Отделываюсь улыбкой, но навязчивые и вездесущие мысли о Леонардо не оставляют меня. Если бы я не встретила его, наверное, сейчас по-прежнему была бы вегетарианкой. Была бы прежней Эленой. И мой мир остался бы черно-белым – без вкуса, без плоти, без запаха.
* * *
Перед тем как выйти, нахожу время, чтобы пообщаться с Гайей по скайпу. После шуток по поводу моего тридцатилетия (ей будет тридцать только через шесть месяцев, поэтому она может считать себя девчонкой), она рассказывает мне последние новости своих отношений с Беллотти – тем велосипедистом. Ее пикантные, красочные рассказы всегда придают мне чувство здоровой эйфории. Ведь мы с ней будто связаны: я счастлива, если она счастлива. Не хочу, чтобы она наделала глупостей ради типа, который не очень мне нравится и, возможно, совсем ее не заслуживает.

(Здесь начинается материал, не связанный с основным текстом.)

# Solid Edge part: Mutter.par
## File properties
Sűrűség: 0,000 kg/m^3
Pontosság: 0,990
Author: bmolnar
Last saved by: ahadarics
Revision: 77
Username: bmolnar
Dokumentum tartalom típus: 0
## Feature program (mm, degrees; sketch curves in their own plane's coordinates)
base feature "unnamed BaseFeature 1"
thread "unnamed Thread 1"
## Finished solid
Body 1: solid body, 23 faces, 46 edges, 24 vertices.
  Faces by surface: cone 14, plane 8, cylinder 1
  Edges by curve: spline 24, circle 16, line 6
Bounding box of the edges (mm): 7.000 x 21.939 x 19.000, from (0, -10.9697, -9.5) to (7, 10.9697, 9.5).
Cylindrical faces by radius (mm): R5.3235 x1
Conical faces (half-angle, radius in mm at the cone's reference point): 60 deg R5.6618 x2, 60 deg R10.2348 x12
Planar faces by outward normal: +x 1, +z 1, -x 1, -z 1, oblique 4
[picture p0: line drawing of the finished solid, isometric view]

– Ну, так что, вы виделись или нет? – спрашиваю, умирая от любопытства.
– Да. Один раз, – отвечает подруга, накручивая на палец блондинистую прядь. Замечаю, что ногти у нее накрашены красным лаком, любимым цветом Беллотти (она всегда не устает это повторять).
– А где, можно спросить?
– Я приехала к нему в его квартиру в Монте-Карло, незадолго до начала велопробега. Мы занимались любовью всю ночь. И весь следующий день.
Зеленые глаза светятся искренней радостью.
– Эле, это было потрясающе!
Когда у Гайи на лице это особенное выражение, дальше расспрашивать бесполезно. Видимо, Самуэль Беллотти не только красавец, но еще и феномен в постели.
– И теперь?
– А теперь он недоступен, – вздыхает Гайя. – Утверждает, что мы не можем видеться во время Джиро д’Италия[19]. И запретил мне приезжать к нему. Говорит, что я могу отрицательно повлиять на его результаты в соревнованиях.
– Вот сволочь!
– Ну, его можно оправдать, это приказ менеджера команды! Так что до середины июня могу забыть о нем, – Гайя пожимает плечами. – Но ты знаешь, с той ночи мы созваниваемся намного чаще!
– Это хорошо.
Может быть, у Беллотти серьезные намерения, но я не очень в этом уверена. И спрашиваю Гайю:
– А о Брандолини ты иногда вспоминаешь? Можешь не отвечать, если не хочешь.
– Иногда. Кстати, я его встретила на Риальто[20] пару дней назад.
Она дотрагивается до лба, будто эта мысль ставит ее в сложное положение.